Task goal: The expected response consists solely of the lines from the line with "#33893 = ORIENTED_EDGE" through the last line of the material below, copied exactly.

Data for this exercise Start Marker

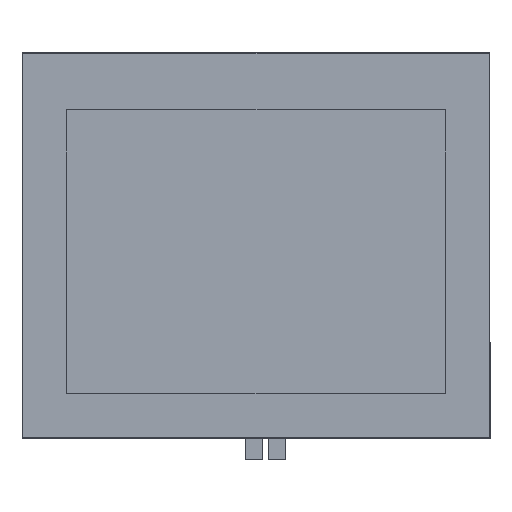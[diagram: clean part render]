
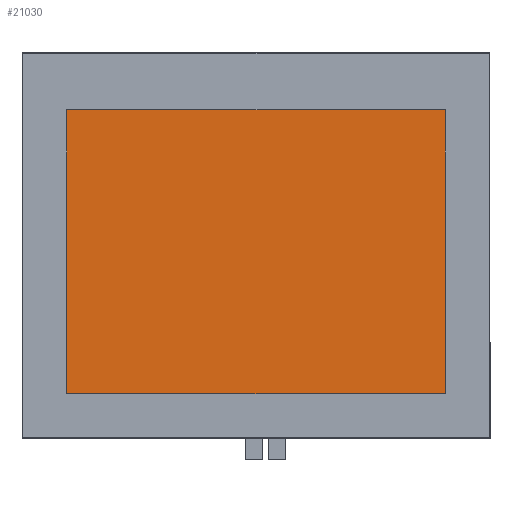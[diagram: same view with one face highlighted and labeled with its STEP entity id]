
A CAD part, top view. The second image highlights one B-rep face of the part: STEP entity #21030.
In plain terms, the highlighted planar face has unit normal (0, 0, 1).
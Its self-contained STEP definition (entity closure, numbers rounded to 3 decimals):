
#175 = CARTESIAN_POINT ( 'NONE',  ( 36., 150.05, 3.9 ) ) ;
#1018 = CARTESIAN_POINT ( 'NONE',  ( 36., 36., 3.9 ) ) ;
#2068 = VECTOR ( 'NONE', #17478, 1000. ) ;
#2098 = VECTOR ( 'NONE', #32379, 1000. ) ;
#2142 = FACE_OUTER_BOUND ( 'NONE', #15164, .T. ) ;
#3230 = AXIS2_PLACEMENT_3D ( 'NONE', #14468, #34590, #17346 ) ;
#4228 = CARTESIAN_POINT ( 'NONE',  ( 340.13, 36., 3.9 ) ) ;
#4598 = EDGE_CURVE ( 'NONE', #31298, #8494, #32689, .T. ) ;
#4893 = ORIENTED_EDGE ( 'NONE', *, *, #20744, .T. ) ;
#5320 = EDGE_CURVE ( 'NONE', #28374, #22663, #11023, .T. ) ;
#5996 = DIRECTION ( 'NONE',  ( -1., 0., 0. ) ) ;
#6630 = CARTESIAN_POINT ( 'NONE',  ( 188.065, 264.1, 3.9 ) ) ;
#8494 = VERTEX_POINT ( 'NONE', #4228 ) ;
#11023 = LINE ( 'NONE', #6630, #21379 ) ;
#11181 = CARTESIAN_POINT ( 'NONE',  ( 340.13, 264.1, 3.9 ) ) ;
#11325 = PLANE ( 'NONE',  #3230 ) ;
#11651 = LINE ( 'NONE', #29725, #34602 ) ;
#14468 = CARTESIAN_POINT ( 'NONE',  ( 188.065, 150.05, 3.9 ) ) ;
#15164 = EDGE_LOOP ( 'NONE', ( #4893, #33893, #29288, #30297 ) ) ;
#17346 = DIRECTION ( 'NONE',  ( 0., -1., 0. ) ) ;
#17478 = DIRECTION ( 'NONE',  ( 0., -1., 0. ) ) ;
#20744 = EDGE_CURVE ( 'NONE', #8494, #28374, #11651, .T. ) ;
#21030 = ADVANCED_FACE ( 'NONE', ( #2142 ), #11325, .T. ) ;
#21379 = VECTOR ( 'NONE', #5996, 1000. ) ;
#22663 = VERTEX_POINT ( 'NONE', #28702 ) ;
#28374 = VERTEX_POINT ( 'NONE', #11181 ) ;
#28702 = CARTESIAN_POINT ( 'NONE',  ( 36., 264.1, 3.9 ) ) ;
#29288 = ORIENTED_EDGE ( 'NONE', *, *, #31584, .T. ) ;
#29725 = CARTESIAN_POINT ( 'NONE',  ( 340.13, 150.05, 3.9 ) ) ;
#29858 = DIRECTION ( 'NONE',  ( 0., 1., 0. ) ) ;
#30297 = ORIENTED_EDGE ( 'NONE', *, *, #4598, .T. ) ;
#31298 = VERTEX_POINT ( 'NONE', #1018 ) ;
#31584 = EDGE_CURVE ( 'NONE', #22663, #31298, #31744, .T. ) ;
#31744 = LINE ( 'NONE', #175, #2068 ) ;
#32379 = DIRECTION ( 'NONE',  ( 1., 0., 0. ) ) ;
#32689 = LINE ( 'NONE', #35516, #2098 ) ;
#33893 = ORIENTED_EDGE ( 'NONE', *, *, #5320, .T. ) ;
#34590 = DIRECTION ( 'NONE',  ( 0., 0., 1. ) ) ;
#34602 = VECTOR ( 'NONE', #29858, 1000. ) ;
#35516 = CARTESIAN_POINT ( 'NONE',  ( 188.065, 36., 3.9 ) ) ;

Data for this exercise End Marker

Result:
#33893 = ORIENTED_EDGE ( 'NONE', *, *, #5320, .T. ) ;
#34590 = DIRECTION ( 'NONE',  ( 0., 0., 1. ) ) ;
#34602 = VECTOR ( 'NONE', #29858, 1000. ) ;
#35516 = CARTESIAN_POINT ( 'NONE',  ( 188.065, 36., 3.9 ) ) ;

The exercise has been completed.